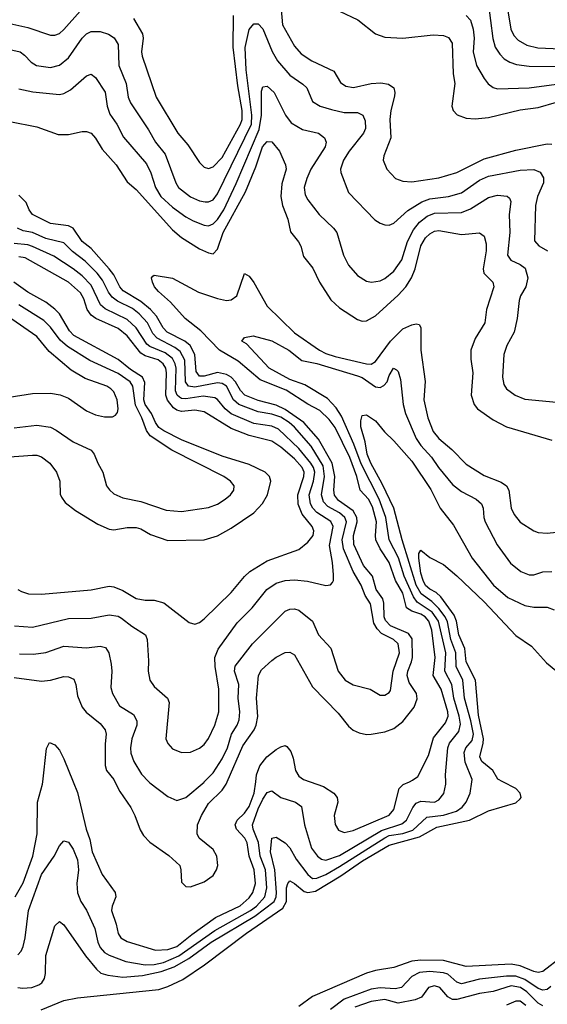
# Model space of a CAD drawing. Header units: inches. Extents: x 1308407 to 1441228, y 959628 to 1036311.
# Tile 283 of 656: x 1341294 to 1343630, y 1009015 to 1013372. Entities that reach past the tile are written whole.
import ezdxf

# ---------------------------------------------------------------- set-up
doc = ezdxf.new("R2010")
doc.units = ezdxf.units.IN
doc.header["$MEASUREMENT"] = 0
doc.layers.add('B3040', color=7, linetype='Continuous')
doc.layers.add('B3041', color=7, linetype='Continuous')

msp = doc.modelspace()

# ---------------------------------------------------------------- linework, layer by layer
at = {"layer": 'B3040', "color": 5}
for points, elevation in [([(1341273.2, 1009490), (1341310, 1009552.5), (1341352.7, 1009670), (1341371.2, 1009768.8), (1341373.5, 1009910), (1341394.7, 1009990), (1341395.9, 1010000)], 2780), ([(1341285.6, 1009234.4), (1341300.2, 1009250), (1341310, 1009270.4), (1341318.8, 1009310), (1341332.9, 1009430), (1341389.9, 1009589.9), (1341447, 1009670), (1341470, 1009716.3), (1341490, 1009738.4), (1341510, 1009733.1), (1341530, 1009701.7), (1341550, 1009653.8), (1341554.2, 1009610), (1341546.2, 1009550), (1341550, 1009508.2), (1341565, 1009470), (1341590, 1009431.7), (1341626.8, 1009350), (1341639.9, 1009290), (1341650, 1009266.3), (1341670, 1009244.6), (1341690, 1009232.5), (1341764.6, 1009204.6), (1341849.1, 1009189.1), (1341890, 1009191), (1341930, 1009200.6), (1341998.9, 1009230), (1342158.6, 1009341.4), (1342316.2, 1009430), (1342342.8, 1009450), (1342378.8, 1009490), (1342388.7, 1009530), (1342382.2, 1009610), (1342358.3, 1009670), (1342351.3, 1009731.3), (1342327.1, 1009790), (1342324.9, 1009810), (1342350, 1009880.4), (1342370, 1009923.4), (1342390, 1009951.8), (1342410, 1009959.7), (1342450, 1009930.8), (1342514.6, 1009910), (1342541, 1009890), (1342555.3, 1009810), (1342586, 1009706), (1342612.2, 1009670), (1342630, 1009657.3), (1342650, 1009653.1), (1342710, 1009673.3), (1342895.5, 1009784.5), (1342985.8, 1009814.2), (1343006.2, 1009830), (1343034.5, 1009885.5), (1343050, 1009905.4), (1343070, 1009913.6), (1343130.5, 1009909.5), (1343150, 1009919.5), (1343171.3, 1009948.7), (1343180.9, 1009990), (1343180.5, 1010000)], 2760), ([(1341286, 1009090), (1341306.4, 1009086.4), (1341347.3, 1009090), (1341378.4, 1009101.6), (1341391.9, 1009110), (1341403.2, 1009130), (1341408, 1009152), (1341409.5, 1009230.5), (1341450, 1009362.8), (1341470, 1009381.3), (1341490, 1009367.4), (1341584.7, 1009230), (1341633.6, 1009170), (1341653.3, 1009153.3), (1341683.6, 1009143.6), (1341750, 1009134.8), (1341837.2, 1009142.8), (1341920.4, 1009159.6), (1341978.5, 1009181.5), (1342042.2, 1009217.8), (1342141.4, 1009290), (1342335.4, 1009404.6), (1342420.5, 1009470), (1342430, 1009490), (1342431.5, 1009510), (1342423.8, 1009610), (1342403.8, 1009690), (1342410, 1009750.4), (1342430, 1009755.2), (1342470, 1009730.2), (1342490, 1009707.2), (1342518.1, 1009658.1), (1342570, 1009589), (1342590, 1009571.7), (1342610, 1009572.7), (1342650, 1009590), (1342710, 1009625), (1342910, 1009752.2), (1342930, 1009762.1), (1342990, 1009770.8), (1343034.5, 1009785.5), (1343097.2, 1009842.8), (1343170, 1009852.5), (1343228.3, 1009870), (1343252.5, 1009887.5), (1343270.8, 1009910), (1343288.9, 1009950), (1343296.2, 1010000)], 2740), ([(1341389.4, 1008990), (1341490, 1009031.9), (1341550, 1009043.7), (1341910, 1009081.4), (1341950, 1009093.3), (1342015.8, 1009124.2), (1342112.2, 1009190), (1342298.1, 1009330), (1342458.8, 1009441.2), (1342474.8, 1009470), (1342475, 1009530), (1342481, 1009550), (1342490, 1009561.1), (1342510, 1009550.1), (1342553.8, 1009513.8), (1342570.1, 1009510.1), (1342603.6, 1009516.4), (1342716.3, 1009583.7), (1342811.2, 1009650), (1342930, 1009719.4), (1343064, 1009756), (1343140.7, 1009799.3), (1343285, 1009830), (1343370, 1009871.9), (1343490, 1009907.3), (1343510, 1009923.8), (1343514, 1009930), (1343509.7, 1009950), (1343491.1, 1009970), (1343432.7, 1010000)], 2720), ([(1341530.8, 1010000), (1341550, 1009951.8), (1341587.8, 1009790), (1341604.6, 1009744.6), (1341614.7, 1009690), (1341658.7, 1009590), (1341717.1, 1009510), (1341719.4, 1009490), (1341702.8, 1009450), (1341700.4, 1009430), (1341721.5, 1009370), (1341730, 1009329.1), (1341742, 1009310), (1341770, 1009293.7), (1341895.1, 1009255.1), (1341950, 1009258.1), (1341990, 1009271.1), (1342055.7, 1009324.3), (1342161.4, 1009398.6), (1342270, 1009451.6), (1342310, 1009486.5), (1342325.6, 1009510), (1342337.4, 1009550), (1342332.4, 1009610), (1342309.2, 1009670), (1342300.9, 1009730), (1342290.3, 1009750.3), (1342253.7, 1009790), (1342248.1, 1009810), (1342257.5, 1009830), (1342290, 1009861.1), (1342310, 1009890.1), (1342332.4, 1009950), (1342338.9, 1010000)], 2780), ([(1341715.8, 1010000), (1341737.4, 1009957.4), (1341785.6, 1009885.6), (1341804.1, 1009850), (1341826.8, 1009786.8), (1341841.9, 1009761.9), (1341870, 1009732.3), (1341954, 1009674), (1342002.3, 1009630), (1342007.9, 1009610), (1342010, 1009556), (1342030, 1009536.5), (1342050, 1009535.2), (1342110, 1009557.5), (1342150, 1009584.9), (1342166, 1009610), (1342171.2, 1009630), (1342167.4, 1009670), (1342150, 1009699.8), (1342089, 1009750), (1342079.6, 1009770), (1342081.6, 1009810), (1342098.9, 1009850), (1342130, 1009903.5), (1342190, 1009963.3), (1342208.2, 1009990), (1342212.5, 1010000)], 2820), ([(1341866, 1010000), (1341870, 1009995.9), (1341950, 1009935.2), (1341990, 1009917.3), (1342030, 1009930.2), (1342110, 1009998.8), (1342111.2, 1010000)], 2840), ([(1342579.5, 1010000), (1342639.4, 1009979.4), (1342684.9, 1009950), (1342699.7, 1009930), (1342703.2, 1009910), (1342686.7, 1009850), (1342690.2, 1009810.2), (1342705.6, 1009785.6), (1342730, 1009776), (1342770, 1009783.6), (1342930, 1009851.8), (1342950, 1009877.3), (1342974, 1009970), (1342992.3, 1009987.7), (1343019.5, 1010000)], 2780), ([(1343694.8, 1009225.2), (1343610, 1009159.9), (1343590, 1009155.9), (1343570, 1009159.9), (1343510, 1009185.2), (1343470, 1009193.5), (1343270, 1009182.5), (1343170, 1009208.4), (1343070, 1009211), (1343030, 1009206.1), (1342950, 1009177.8), (1342870, 1009164.8), (1342830, 1009152.6), (1342590.4, 1009049.6), (1342530, 1009005.6)], 2720), ([(1343646.1, 1009093.9), (1343630, 1009080.9), (1343610, 1009078.1), (1343590, 1009084.9), (1343530, 1009125), (1343490, 1009139.1), (1343450, 1009140.3), (1343330, 1009125.7), (1343250, 1009105.6), (1343230, 1009113.8), (1343190, 1009148.1), (1343170, 1009155.1), (1343110, 1009159.6), (1343064.4, 1009155.6), (1343030, 1009138.2), (1342984.7, 1009090), (1342956.2, 1009083.8), (1342890, 1009088.7), (1342850, 1009082.3), (1342730, 1009037.4), (1342670, 1008992.9)], 2740), ([(1343610, 1009008), (1343590, 1009019.9), (1343539.5, 1009070), (1343510.7, 1009090), (1343470, 1009097.5), (1343390, 1009071.2), (1343330, 1009063.1), (1343230, 1009036.3), (1343210, 1009037), (1343190, 1009047.5), (1343153.6, 1009090), (1343130, 1009096.2), (1343104.4, 1009090), (1343073.6, 1009046.4), (1343044.9, 1009035.1), (1342970, 1009020.9), (1342910, 1009037), (1342850, 1009027.7), (1342777.2, 1009002.8)], 2760), ([(1343535.6, 1009010), (1343510, 1009028.6), (1343490, 1009028.4), (1343450, 1009011.7)], 2780)]:
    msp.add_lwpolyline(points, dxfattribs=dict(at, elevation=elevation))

= = = =

REQUIRED WORK — Across the entries above, find the lines with the string "ezdxf" and copy them.

TASK RESPONSE —
import ezdxf
doc = ezdxf.new("R2010")
doc.units = ezdxf.units.IN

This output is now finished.